Task description:
Exact reproduction required: the lines below from the line with "#47372 = CARTESIAN_POINT" to the line with "#62246 = ORIENTED_EDGE", both ends included, and no others.
***
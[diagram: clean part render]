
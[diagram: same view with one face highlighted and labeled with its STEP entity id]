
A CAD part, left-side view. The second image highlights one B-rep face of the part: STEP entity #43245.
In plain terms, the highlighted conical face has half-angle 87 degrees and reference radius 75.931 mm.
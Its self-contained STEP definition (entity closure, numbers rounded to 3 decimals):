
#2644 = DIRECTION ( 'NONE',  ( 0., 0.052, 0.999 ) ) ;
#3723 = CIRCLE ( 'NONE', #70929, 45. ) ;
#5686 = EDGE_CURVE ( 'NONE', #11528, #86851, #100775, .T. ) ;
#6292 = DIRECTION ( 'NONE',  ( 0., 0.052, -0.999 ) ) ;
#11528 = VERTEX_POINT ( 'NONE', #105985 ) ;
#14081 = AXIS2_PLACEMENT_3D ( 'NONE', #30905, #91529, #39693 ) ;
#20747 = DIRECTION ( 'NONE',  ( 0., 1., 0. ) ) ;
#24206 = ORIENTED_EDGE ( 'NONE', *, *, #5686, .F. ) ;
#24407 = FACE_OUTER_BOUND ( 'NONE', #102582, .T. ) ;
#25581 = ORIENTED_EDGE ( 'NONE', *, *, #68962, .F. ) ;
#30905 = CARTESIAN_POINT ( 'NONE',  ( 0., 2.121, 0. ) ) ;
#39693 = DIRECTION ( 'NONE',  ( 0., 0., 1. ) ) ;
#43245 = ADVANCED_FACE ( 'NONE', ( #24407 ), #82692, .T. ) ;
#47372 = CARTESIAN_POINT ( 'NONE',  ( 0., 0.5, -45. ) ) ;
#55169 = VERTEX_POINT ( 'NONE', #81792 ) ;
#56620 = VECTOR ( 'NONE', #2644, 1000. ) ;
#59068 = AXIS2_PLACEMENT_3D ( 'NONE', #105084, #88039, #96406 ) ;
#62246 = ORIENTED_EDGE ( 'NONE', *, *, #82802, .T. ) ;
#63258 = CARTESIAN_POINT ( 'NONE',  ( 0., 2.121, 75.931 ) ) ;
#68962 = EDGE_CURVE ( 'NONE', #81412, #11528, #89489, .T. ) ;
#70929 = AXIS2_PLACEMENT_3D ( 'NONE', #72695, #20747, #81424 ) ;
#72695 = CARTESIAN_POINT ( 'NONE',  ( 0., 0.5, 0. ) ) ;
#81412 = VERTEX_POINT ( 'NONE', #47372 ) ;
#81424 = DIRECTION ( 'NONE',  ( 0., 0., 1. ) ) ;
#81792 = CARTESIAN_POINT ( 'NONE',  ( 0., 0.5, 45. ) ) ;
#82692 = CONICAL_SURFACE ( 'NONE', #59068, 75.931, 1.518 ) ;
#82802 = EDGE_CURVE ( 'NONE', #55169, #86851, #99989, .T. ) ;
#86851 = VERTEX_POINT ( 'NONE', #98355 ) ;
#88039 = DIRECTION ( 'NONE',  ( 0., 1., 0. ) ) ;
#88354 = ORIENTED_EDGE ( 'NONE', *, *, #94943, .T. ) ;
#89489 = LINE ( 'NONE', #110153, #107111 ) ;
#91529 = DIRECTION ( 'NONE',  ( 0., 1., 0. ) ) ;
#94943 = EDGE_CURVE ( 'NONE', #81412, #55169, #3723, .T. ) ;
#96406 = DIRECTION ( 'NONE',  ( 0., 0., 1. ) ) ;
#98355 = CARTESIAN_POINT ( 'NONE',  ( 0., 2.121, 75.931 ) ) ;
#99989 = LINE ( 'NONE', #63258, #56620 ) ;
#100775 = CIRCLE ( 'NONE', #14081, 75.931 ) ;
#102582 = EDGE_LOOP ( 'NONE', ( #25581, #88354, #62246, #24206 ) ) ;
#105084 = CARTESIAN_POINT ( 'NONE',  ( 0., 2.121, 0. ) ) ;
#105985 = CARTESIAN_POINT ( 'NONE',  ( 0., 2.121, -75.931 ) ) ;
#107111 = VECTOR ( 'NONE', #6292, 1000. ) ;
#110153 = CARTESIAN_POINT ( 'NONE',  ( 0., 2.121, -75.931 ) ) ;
***
Finished task:
#47372 = CARTESIAN_POINT ( 'NONE',  ( 0., 0.5, -45. ) ) ;
#55169 = VERTEX_POINT ( 'NONE', #81792 ) ;
#56620 = VECTOR ( 'NONE', #2644, 1000. ) ;
#59068 = AXIS2_PLACEMENT_3D ( 'NONE', #105084, #88039, #96406 ) ;
#62246 = ORIENTED_EDGE ( 'NONE', *, *, #82802, .T. ) ;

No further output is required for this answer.